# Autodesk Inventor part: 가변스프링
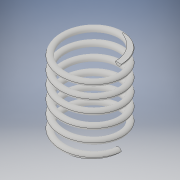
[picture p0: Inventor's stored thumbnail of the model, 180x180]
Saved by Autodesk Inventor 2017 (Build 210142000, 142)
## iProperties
Part Number: 가변스프링
Material: 일반
Document SubType Name: Modeling
Designer: 00-00
Density: 1 g/cm^3
Appearance: 기본값
Mass: 1.16503 g
Surface Area: 23.6146 cm^2
Volume: 1.16503 cm^3
Author: 00-00
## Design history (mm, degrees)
sketch "스케치1"
  geometry: L1 (0, 0)-(10, 0); L2 (10, 0)-(10, 26.7); L3 (10, 26.7)-(0, 26.7); L4 (0, 26.7)-(0, 0); C1 r 1 at (10, 0)
  constraints: 8 end point, 2 parallel, 1 centre point, 1 coincident, 1 horizontal, 1 perpendicular
  dimensions: "d0" = 20 diameter of L2 L4; "d1" = 2 diameter of C1; "d2" = 26.7 distance of L3.end L1.start (derived)
feature "코일1" sketch "스케치1" pitch "d3" = 26.7 (= d2); turns "d5" = 6; dims "d4" = 26.7 (= d2), "d6" = 0, angle "d7" = 90 deg, angle "d8" = 90 deg, "d9" = 0, "d10" = 0
node "작업 평면1"
sketch "스케치2"
  geometry: L1 (9, 0)-(11, 0) reference; 1 further point
  constraints: 1 horizontal alignment
extrude "돌출1" cut sketch "스케치2" stored distance "d12" = 10; taper "d13" = 0 deg
node "작업 평면3"
sketch "스케치3"
  geometry: L1 (-1, 0)-(1, 0) reference; 1 further point
  constraints: 1 horizontal alignment
extrude "돌출2" cut sketch "스케치3" stored distance "d15" = 10; taper "d16" = 0 deg
node "솔리드1"
node "절단 모서리 투영1"
node "절단 모서리 투영2"
other parameters: "d11" = 90 deg

• Exercise instructions:
Leaving out any images, restate every record word for word.

• Solution to this exercise:
# Autodesk Inventor part: 가변스프링
[picture p0: Inventor's stored thumbnail of the model, 180x180]
Saved by Autodesk Inventor 2017 (Build 210142000, 142)
## iProperties
Part Number: 가변스프링
Material: 일반
Document SubType Name: Modeling
Designer: 00-00
Density: 1 g/cm^3
Appearance: 기본값
Mass: 1.16503 g
Surface Area: 23.6146 cm^2
Volume: 1.16503 cm^3
Author: 00-00
## Design history (mm, degrees)
sketch "스케치1"
  geometry: L1 (0, 0)-(10, 0); L2 (10, 0)-(10, 26.7); L3 (10, 26.7)-(0, 26.7); L4 (0, 26.7)-(0, 0); C1 r 1 at (10, 0)
  constraints: 8 end point, 2 parallel, 1 centre point, 1 coincident, 1 horizontal, 1 perpendicular
  dimensions: "d0" = 20 diameter of L2 L4; "d1" = 2 diameter of C1; "d2" = 26.7 distance of L3.end L1.start (derived)
feature "코일1" sketch "스케치1" pitch "d3" = 26.7 (= d2); turns "d5" = 6; dims "d4" = 26.7 (= d2), "d6" = 0, angle "d7" = 90 deg, angle "d8" = 90 deg, "d9" = 0, "d10" = 0
node "작업 평면1"
sketch "스케치2"
  geometry: L1 (9, 0)-(11, 0) reference; 1 further point
  constraints: 1 horizontal alignment
extrude "돌출1" cut sketch "스케치2" stored distance "d12" = 10; taper "d13" = 0 deg
node "작업 평면3"
sketch "스케치3"
  geometry: L1 (-1, 0)-(1, 0) reference; 1 further point
  constraints: 1 horizontal alignment
extrude "돌출2" cut sketch "스케치3" stored distance "d15" = 10; taper "d16" = 0 deg
node "솔리드1"
node "절단 모서리 투영1"
node "절단 모서리 투영2"
other parameters: "d11" = 90 deg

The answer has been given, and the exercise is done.